My express news

26Jul/10

The world can wait as Gordon Brown finds his focus again at home in Fife

HE HAS been involved in political economy at the highest level, entertaining presidents and thrashing out deals amid finance ministers from across the globe.

But now, Gordon Brown's life appears to be obliged gained a new focus as he revealed local issues in his Fife constituency be obliged been his main concern since he left Downing Street in May.

On the generation that his publishers confirmed the former prime minister

's account of the global fiscal crisis will be released in November, Mr Brown shed further trifling on the life he has led since he stepped aside for example Labour leader, in the wake of his party's defeat in the ill-defined election.

As well as a programme of regular exercise and uninterrupted reading, Mr Brown reported that writing and visits around his constituency obtain occupied him since he left frontline politics.

He said he felt at home in Fife and did not miss the perks that came by being the most powerful man in the country.

"I'm to a high degree lucky that my constituency is where I was at school, and to what I was brought up," he said. "Kirkcaldy High School is a to a high degree big school, so I still have friends, and colleagues, from that time. But certainly, locally, at which place I've been concentrating my activities in the last two months … it's considerable to do some of these visits, not just to thank canaille, but to find out if there's something we can finish."

Mr Brown indicated that his plans lay in international politics, in some degree than a return to the UK national stage.

At the weekend, the maker prime minister visited Uganda to attend an African Union meeting and has in the more than been tipped for a job with an international institution.

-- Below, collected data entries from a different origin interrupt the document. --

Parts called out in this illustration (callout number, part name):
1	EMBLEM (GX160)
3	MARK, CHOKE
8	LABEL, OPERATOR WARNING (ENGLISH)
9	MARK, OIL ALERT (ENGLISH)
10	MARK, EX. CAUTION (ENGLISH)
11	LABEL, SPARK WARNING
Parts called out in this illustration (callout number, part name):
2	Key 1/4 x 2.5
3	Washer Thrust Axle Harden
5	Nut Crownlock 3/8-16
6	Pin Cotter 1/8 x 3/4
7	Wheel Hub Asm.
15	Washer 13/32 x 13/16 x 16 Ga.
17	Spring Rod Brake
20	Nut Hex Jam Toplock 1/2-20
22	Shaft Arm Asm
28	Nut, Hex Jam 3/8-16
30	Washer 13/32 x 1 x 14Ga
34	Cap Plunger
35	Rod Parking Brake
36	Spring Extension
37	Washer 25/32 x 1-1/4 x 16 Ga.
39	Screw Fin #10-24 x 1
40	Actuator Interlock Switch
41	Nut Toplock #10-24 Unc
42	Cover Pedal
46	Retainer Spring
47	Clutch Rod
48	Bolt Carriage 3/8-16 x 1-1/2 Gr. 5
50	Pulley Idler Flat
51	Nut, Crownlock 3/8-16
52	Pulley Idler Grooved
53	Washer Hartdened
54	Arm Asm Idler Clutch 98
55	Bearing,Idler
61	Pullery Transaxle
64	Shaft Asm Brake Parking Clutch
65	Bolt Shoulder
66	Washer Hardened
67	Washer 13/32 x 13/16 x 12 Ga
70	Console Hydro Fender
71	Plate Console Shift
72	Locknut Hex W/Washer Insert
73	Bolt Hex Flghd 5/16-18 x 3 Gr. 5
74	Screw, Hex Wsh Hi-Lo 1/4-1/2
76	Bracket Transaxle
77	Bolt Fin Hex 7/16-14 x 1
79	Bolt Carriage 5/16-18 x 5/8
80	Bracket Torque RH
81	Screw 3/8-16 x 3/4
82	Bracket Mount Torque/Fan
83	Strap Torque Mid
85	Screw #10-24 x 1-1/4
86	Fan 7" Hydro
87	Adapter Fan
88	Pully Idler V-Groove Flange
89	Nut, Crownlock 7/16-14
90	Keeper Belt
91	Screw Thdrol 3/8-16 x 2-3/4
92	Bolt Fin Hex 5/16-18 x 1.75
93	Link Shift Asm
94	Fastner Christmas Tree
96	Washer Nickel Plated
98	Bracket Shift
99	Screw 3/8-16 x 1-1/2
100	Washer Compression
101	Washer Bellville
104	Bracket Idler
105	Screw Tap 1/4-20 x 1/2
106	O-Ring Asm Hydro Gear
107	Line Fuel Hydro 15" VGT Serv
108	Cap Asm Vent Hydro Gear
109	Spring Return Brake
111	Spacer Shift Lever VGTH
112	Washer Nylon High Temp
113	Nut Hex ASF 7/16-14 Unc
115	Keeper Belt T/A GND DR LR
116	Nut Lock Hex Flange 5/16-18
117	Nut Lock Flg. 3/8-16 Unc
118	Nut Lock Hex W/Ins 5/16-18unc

He related: "I'm doing local stuff, and something international, but I'm not truly doing much national. What I've done in the last sum of ~ units months is really what I wanted to do, which is cook things locally. That's been my first interest, to put somebody back into a local community that I feel very much lot of, and I feel I've got a duty to, only I think I'll probably do more on international development and other areas of worldly wisdom in the future."

He played down suggestions he could follow Peter Mandelson and Tony Blair and declare a warts-and-all account of his time in government, moreover he did confirm that more books were in the pipeline.

"I exercise volition write, but I'm more interested in writing about other the public, or other issues."

Reflecting on his much-critiised personal demeanour and the attacks that came from whole sides as Labour slid in the polls, Mr Brown appeared enthusiastic, maintaining that public life brought "downs as well as ups".

"Sometimes, it's not same easy," he conceded.